• Records contained in a dataset

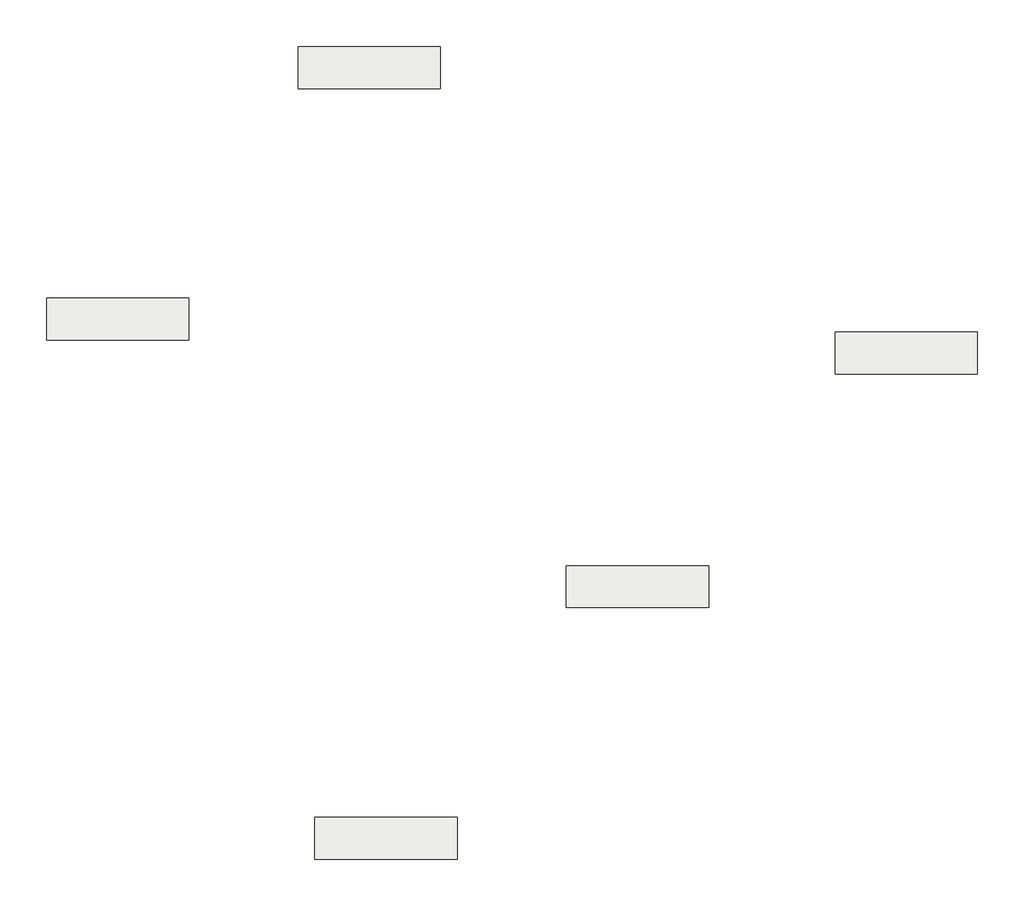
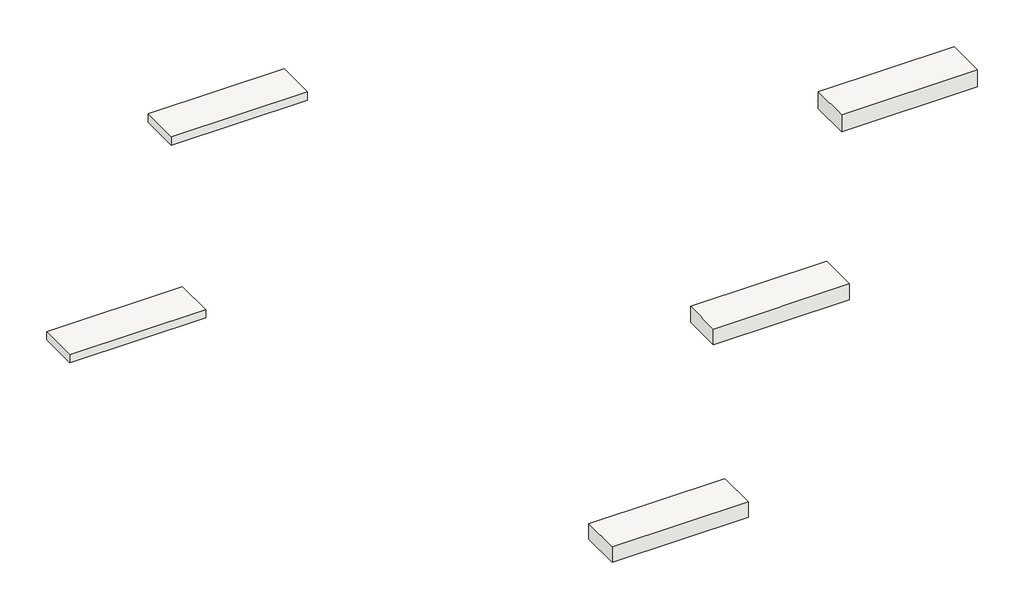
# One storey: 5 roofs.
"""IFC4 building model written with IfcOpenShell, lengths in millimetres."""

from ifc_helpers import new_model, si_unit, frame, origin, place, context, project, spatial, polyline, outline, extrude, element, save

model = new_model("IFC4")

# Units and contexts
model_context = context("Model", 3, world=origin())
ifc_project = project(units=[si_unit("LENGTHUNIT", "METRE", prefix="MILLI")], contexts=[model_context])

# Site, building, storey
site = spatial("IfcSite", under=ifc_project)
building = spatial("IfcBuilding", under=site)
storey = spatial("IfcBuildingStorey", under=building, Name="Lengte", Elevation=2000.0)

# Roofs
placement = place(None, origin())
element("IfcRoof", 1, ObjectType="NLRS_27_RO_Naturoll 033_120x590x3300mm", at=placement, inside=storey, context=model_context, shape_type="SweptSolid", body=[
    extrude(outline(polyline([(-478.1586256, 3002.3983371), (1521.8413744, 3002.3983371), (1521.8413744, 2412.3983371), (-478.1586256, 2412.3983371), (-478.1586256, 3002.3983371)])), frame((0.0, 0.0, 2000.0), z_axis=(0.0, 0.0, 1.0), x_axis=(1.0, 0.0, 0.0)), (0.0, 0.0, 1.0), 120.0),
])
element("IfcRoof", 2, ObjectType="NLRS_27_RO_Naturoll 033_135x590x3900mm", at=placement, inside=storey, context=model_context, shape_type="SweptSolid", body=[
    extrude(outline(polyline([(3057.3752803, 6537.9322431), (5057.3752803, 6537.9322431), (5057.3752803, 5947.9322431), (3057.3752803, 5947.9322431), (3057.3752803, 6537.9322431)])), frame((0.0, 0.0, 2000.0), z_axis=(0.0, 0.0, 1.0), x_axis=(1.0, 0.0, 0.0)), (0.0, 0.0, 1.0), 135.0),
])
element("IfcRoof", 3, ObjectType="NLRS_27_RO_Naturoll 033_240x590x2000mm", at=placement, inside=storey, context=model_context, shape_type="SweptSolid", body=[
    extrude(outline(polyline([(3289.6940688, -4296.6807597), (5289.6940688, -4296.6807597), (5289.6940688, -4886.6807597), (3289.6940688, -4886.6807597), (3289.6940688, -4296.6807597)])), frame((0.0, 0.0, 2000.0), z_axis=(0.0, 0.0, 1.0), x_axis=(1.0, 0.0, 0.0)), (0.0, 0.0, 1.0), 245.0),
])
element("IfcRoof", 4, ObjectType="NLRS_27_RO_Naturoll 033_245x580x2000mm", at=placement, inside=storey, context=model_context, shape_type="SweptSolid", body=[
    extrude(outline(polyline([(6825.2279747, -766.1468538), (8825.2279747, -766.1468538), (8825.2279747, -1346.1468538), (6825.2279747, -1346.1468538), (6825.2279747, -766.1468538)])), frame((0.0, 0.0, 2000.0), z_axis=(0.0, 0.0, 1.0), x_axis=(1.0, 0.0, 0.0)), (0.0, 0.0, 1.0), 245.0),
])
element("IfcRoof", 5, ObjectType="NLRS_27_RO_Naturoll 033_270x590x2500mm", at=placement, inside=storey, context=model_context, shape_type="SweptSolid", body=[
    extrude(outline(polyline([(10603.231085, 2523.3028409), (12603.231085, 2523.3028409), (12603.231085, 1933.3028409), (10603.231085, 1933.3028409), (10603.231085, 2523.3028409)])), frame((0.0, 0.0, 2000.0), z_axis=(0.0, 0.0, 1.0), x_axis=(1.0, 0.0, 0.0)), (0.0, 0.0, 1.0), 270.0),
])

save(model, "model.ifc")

• DIRECTIONS FOR THIS TASK
Lines holding "origin": give how many there are in the entries above, and nothing more.

• TASK RESPONSE
3